*** Input material

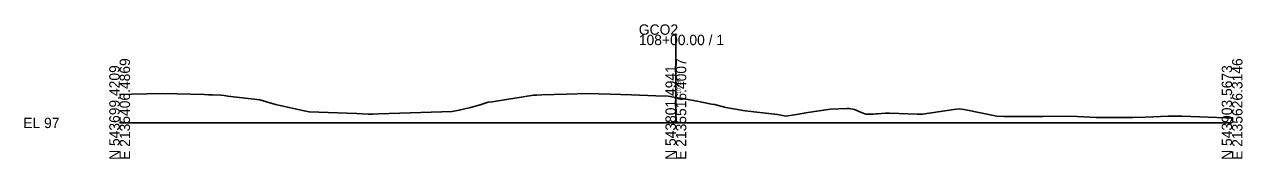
# Model space of a CAD drawing. Extents: x -14327 to 8886, y -10 to 39048.
# Drawn here: x 3974.3 to 4302.8, y 35990.3 to 36026.7 of the extents above; entities that cross this region are included whole.
import ezdxf

# ---------------------------------------------------------------- set-up
doc = ezdxf.new("R2010")
doc.units = 0
for name, color, linetype in [('RD_GPK_XS_Cell', 7, 'Continuous'), ('RD_XS_ExGround', 7, 'Continuous'), ('RD_XS_TX_Elev_EX', 7, 'Continuous')]:
    doc.layers.add(name, color=color, linetype=linetype)

msp = doc.modelspace()

# ---------------------------------------------------------------- linework, layer by layer
at = {"layer": 'RD_GPK_XS_Cell'}
for p, q in [((4150, 36000), (4150, 36023.85)), ((4000, 36000), (4150, 36000)), ((4150, 36000), (4300, 36000))]:
    msp.add_line(p, q, dxfattribs=at)
at = {"layer": 'RD_XS_ExGround'}
for p, q in [((4000, 36007.67), (4003.2, 36007.76)), ((4003.2, 36007.76), (4011.64, 36007.93)), ((4011.64, 36007.93), (4022.85, 36007.66)), ((4022.85, 36007.66), (4023.97, 36007.64)), ((4023.97, 36007.64), (4025.02, 36007.6)), ((4025.02, 36007.6), (4027.25, 36007.53)), ((4027.25, 36007.53), (4028.17, 36007.41)), ((4028.17, 36007.41), (4029.18, 36007.27)), ((4029.18, 36007.27), (4037.79, 36006.2)), ((4100.98, 36005.78), (4111.58, 36007.48)), ((4111.58, 36007.48), (4112.52, 36007.52)), ((4112.52, 36007.52), (4113.88, 36007.56)), ((4113.88, 36007.56), (4120.54, 36007.78)), ((4120.54, 36007.78), (4126.21, 36007.95)), ((4126.21, 36007.95), (4132.25, 36007.78)), ((4132.25, 36007.78), (4138, 36007.61)), ((4138, 36007.61), (4144.57, 36007.35)), ((4144.57, 36007.35), (4147.95, 36007.21)), ((4147.95, 36007.21), (4150, 36006.88)), ((4037.79, 36006.2), (4038.71, 36005.93)), ((4038.71, 36005.93), (4042.06, 36004.94)), ((4042.06, 36004.94), (4049.8, 36003.3)), ((4091.57, 36003.47), (4094.61, 36004.15)), ((4094.61, 36004.15), (4097.19, 36004.93)), ((4097.19, 36004.93), (4099.36, 36005.6)), ((4099.36, 36005.6), (4100.43, 36005.71)), ((4100.43, 36005.71), (4100.98, 36005.78)), ((4150, 36006.88), (4151.24, 36006.67)), ((4151.24, 36006.67), (4155.71, 36005.87)), ((4155.71, 36005.87), (4159.61, 36005.05)), ((4159.61, 36005.05), (4160.06, 36004.95)), ((4160.06, 36004.95), (4160.11, 36005.11)), ((4160.11, 36005.11), (4163.46, 36004.19)), ((4163.46, 36004.19), (4168.68, 36003.23)), ((4191.71, 36003.7), (4196.2, 36003.91)), ((4196.2, 36003.91), (4196.72, 36003.88)), ((4049.8, 36003.3), (4051.15, 36003)), ((4051.15, 36003), (4063.97, 36002.52)), ((4063.97, 36002.52), (4067.06, 36002.4)), ((4067.06, 36002.4), (4068.26, 36002.37)), ((4068.26, 36002.37), (4069.89, 36002.41)), ((4069.89, 36002.41), (4089.7, 36003.04)), ((4089.7, 36003.04), (4091.57, 36003.47)), ((4168.68, 36003.23), (4177.4, 36002.24)), ((4177.4, 36002.24), (4179.64, 36001.85)), ((4179.64, 36001.85), (4182.51, 36002.29)), ((4182.51, 36002.29), (4185.58, 36002.85)), ((4185.58, 36002.85), (4191.71, 36003.7)), ((4196.72, 36003.88), (4198.21, 36003.61)), ((4198.21, 36003.61), (4200.28, 36002.7)), ((4200.28, 36002.7), (4201.21, 36002.33)), ((4201.21, 36002.33), (4203.22, 36002.39)), ((4203.22, 36002.39), (4203.89, 36002.42)), ((4203.89, 36002.42), (4204.34, 36002.43)), ((4204.34, 36002.43), (4206.51, 36002.61)), ((4206.51, 36002.61), (4207.62, 36002.59)), ((4207.62, 36002.59), (4215.08, 36002.35)), ((4215.08, 36002.35), (4216.52, 36002.33)), ((4216.52, 36002.33), (4224.99, 36003.65)), ((4224.99, 36003.65), (4226.53, 36003.85)), ((4226.53, 36003.85), (4228.22, 36003.57)), ((4228.22, 36003.57), (4236.53, 36001.82)), ((4236.53, 36001.82), (4238.44, 36001.71)), ((4238.44, 36001.71), (4246.54, 36001.76)), ((4246.54, 36001.76), (4248.96, 36001.77)), ((4248.96, 36001.77), (4256.55, 36001.81)), ((4256.55, 36001.81), (4263.31, 36001.47)), ((4263.31, 36001.47), (4266.56, 36001.46)), ((4266.56, 36001.46), (4273.2, 36001.47)), ((4273.2, 36001.47), (4276.56, 36001.53)), ((4276.56, 36001.53), (4282.75, 36001.83)), ((4282.75, 36001.83), (4286.57, 36001.8)), ((4286.57, 36001.8), (4298.23, 36001.39)), ((4298.23, 36001.39), (4300, 36001.37))]:
    msp.add_line(p, q, dxfattribs=at)

# ---------------------------------------------------------------- texts
at = {"layer": 'RD_GPK_XS_Cell'}
for s, p in [('GCO2', (4140, 36023.85)), ('108+00.00 / 1', (4140, 36021.05)), ('EL 97', (3974, 35998.6))]:
    msp.add_text(s, height=2.8, dxfattribs=at).set_placement(p)
for s, p in [('E 2135406.4869', (4002.8, 35990)), ('E 2135516.4007', (4152.8, 35990)), ('E 2135626.3146', (4302.8, 35990)), ('N 543699.4209', (4000, 35990)), ('N 543801.4941', (4150, 35990)), ('N 543903.5673', (4300, 35990))]:
    msp.add_text(s, height=2.8, rotation=90, dxfattribs=at).set_placement(p)
at = {"layer": 'RD_XS_TX_Elev_EX'}
msp.add_text('103.88', height=1, rotation=90, dxfattribs=at).set_placement((4151.25, 36007.88))

doc.saveas('drawing.dxf')

******

-- Task requirements --
Each line of the listing that contains the word "linetype" must be copied.

-- Exercise solution --
for name, color, linetype in [('RD_GPK_XS_Cell', 7, 'Continuous'), ('RD_XS_ExGround', 7, 'Continuous'), ('RD_XS_TX_Elev_EX', 7, 'Continuous')]:
    doc.layers.add(name, color=color, linetype=linetype)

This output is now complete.